ミュンヘン工科大留学、ロンドンの設計事務所HCLA勤務を経て
群馬で建築設計に携わりつつ、京都で研究に励む日々の記録

海外で働くということ

2009-11-04 09:14:39 | ロンドン・hcla
修士を卒業後すぐに渡英し、ロンドンで働き始めてから三年目である。

ビザの関係で一時帰国していた期間を除いても、実質的にちょうど二年が経った。ビザに関していえば、あと3年はここで働くことができる。

初めて最初からすべて担当した小さな現場の物件が、あと2工程くらいで終わる。certificate of practical completionなる書類はもう準備できていて、snaggingしたあとにそれを発行すれば工事は終わる。ここで学んだことを次につなげたかったので、もうひとつ新しく入った小さな改修の仕事を次に担当させてもらうことにした。まだ誰も手をつけていない仕事。先輩に教えてもらいながら書いたscope of worksも、今度は自分で書ける。

ここのところ寝る前に枕元でよく考えることがあって、最近耳にしたふたつの話が心に引っかかっている。

先月来英された大学時代の先生の、コンドルについての講演を拝聴したときに聞いた、コンドルはなぜイギリスへ帰らなかったのかという質問に対しての答え。
「建築はクラフトマンシップではなくシステムであるから、イギリスに地盤を築いてこなかったコンドルは日本でしか働くことができなくなっていたのです」

友だちに教えてもらって読んだ、海外留学経験のある若くして活躍されている建築家さんのブログの一節。
「帰国子女で英語が全く不自由しないか、まとまった実務経験がある人もいるが、そのどちらもない自分がそのまま就職を試みてかたちとして「海外で働く」ということになっても、単なるCG係、もしくは模型係となってワークショップの片隅で黙々とヒートカッターの技を披露するだけなのではないかと」

大家さんが自伝を書いている。

両親と絶縁寸前な状態でインドネシアから単身渡英して、文字通りの底辺から這い上がって今では複数の会社で顧問をしている。周囲を注意深く観察しながら研究し、自分で自分の住みやすい環境をつくり、自分にしかできないことを積み上げていった。今では彼女がいないと会社が回らないから、社長たちは何事も彼女の意見を聞いてから物事を決めるようになった。自伝の第一部は、facebookで旧友と再会し、恋に落ちるところで終わるらしい。(それはほんの数ヶ月前に起こったことなのだが)

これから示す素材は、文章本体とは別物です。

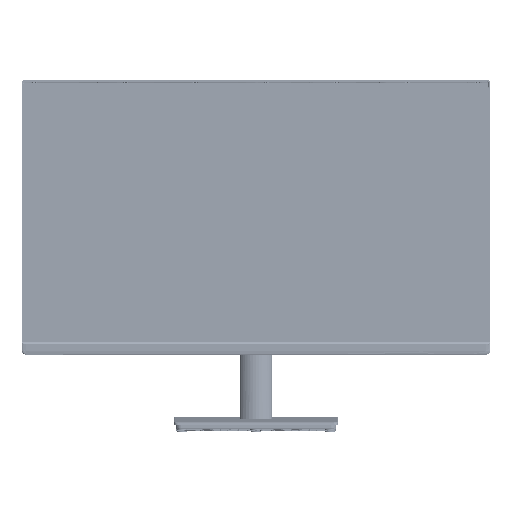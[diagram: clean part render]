
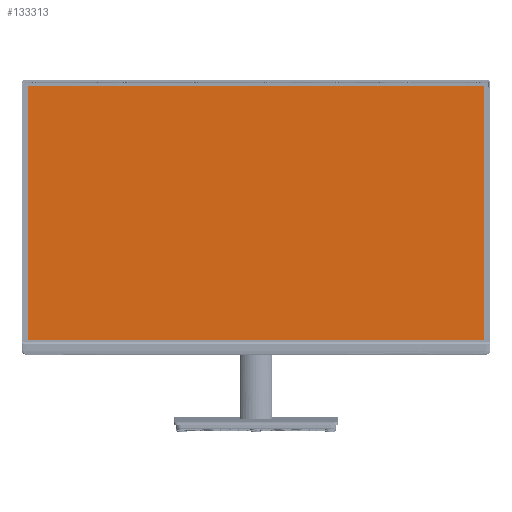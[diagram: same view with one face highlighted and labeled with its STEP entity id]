
A CAD part, top view. The second image highlights one B-rep face of the part: STEP entity #133313.
In plain terms, the highlighted planar face has unit normal (0, 0, 1).
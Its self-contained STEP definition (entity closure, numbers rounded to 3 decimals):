
#48313=DIRECTION('',(0.,1.,0.));
#48314=VECTOR('',#48313,302.616);
#48315=CARTESIAN_POINT('',(271.872,-151.308,0.45));
#48316=LINE('',#48315,#48314);
#48317=DIRECTION('',(1.,0.,0.));
#48318=VECTOR('',#48317,543.744);
#48319=CARTESIAN_POINT('',(-271.872,-151.308,0.45));
#48320=LINE('',#48319,#48318);
#48321=DIRECTION('',(0.,-1.,0.));
#48322=VECTOR('',#48321,302.616);
#48323=CARTESIAN_POINT('',(-271.872,151.308,0.45));
#48324=LINE('',#48323,#48322);
#48325=DIRECTION('',(-1.,0.,0.));
#48326=VECTOR('',#48325,543.744);
#48327=CARTESIAN_POINT('',(271.872,151.308,0.45));
#48328=LINE('',#48327,#48326);
#60648=CARTESIAN_POINT('',(271.872,-151.308,0.45));
#60649=CARTESIAN_POINT('',(271.872,151.308,0.45));
#60650=VERTEX_POINT('',#60648);
#60651=VERTEX_POINT('',#60649);
#60652=CARTESIAN_POINT('',(-271.872,151.308,0.45));
#60653=VERTEX_POINT('',#60652);
#60654=CARTESIAN_POINT('',(-271.872,-151.308,0.45));
#60655=VERTEX_POINT('',#60654);
#133302=CARTESIAN_POINT('',(0.,0.,0.45));
#133303=DIRECTION('',(0.,0.,1.));
#133304=DIRECTION('',(-1.,0.,0.));
#133305=AXIS2_PLACEMENT_3D('',#133302,#133303,#133304);
#133306=PLANE('',#133305);
#133307=ORIENTED_EDGE('',*,*,#133254,.F.);
#133308=ORIENTED_EDGE('',*,*,#133269,.F.);
#133309=ORIENTED_EDGE('',*,*,#133283,.F.);
#133310=ORIENTED_EDGE('',*,*,#133296,.F.);
#133311=EDGE_LOOP('',(#133307,#133308,#133309,#133310));
#133312=FACE_OUTER_BOUND('',#133311,.F.);
#133254=EDGE_CURVE('',#60650,#60651,#48316,.T.);
#133269=EDGE_CURVE('',#60655,#60650,#48320,.T.);
#133283=EDGE_CURVE('',#60653,#60655,#48324,.T.);
#133296=EDGE_CURVE('',#60651,#60653,#48328,.T.);
#133313=ADVANCED_FACE('',(#133312),#133306,.T.);

厳しい不況のイギリスで、曲がりなりにも、平社員としては最後のひとりになるまで会社に残ることができて、研修時代から考えれば、いてもいいひと→いてほしいひと→いないとダメなひと、とステップアップしてきたことは誇れるとして、実際のところ、いまようやくスタートラインに立てているところなのだという思いが強まっていた。二年経って。会社が「パートⅢ取得後5年以上の経験のあるプロジェクトアーキテクト」をテンポラリーで求人していたりするのを見て、自分には求められてもいない(求められてもできないけど)ことがまだまだあるんだと落ち込んだりもする。

自分がだんだん日本と英国の中間領域に向かっているのではないかと思うときがある。心に引っかかっていたのはそういう部分。

大家さんはひととおり僕の話を聞いてから、日本に帰るときがいつなのか、自分がいちばんよくわかっているはず、と言ってくれた。そう、まだ今じゃない。

あれができるようになればこれをやらせてもらえそうだ、というチャンスがまだまだ目の前にたくさん転がっているのがいまの状況。まだできるというモチベーションが続くかぎり、僕はまだここにいていいのだと思うことにした。僕の次のステップは、「パートⅢ取得後5年以上の経験のあるプロジェクトアーキテクト」にもできないことを次の三年間のうちにここでたくさん築き上げることだと思う。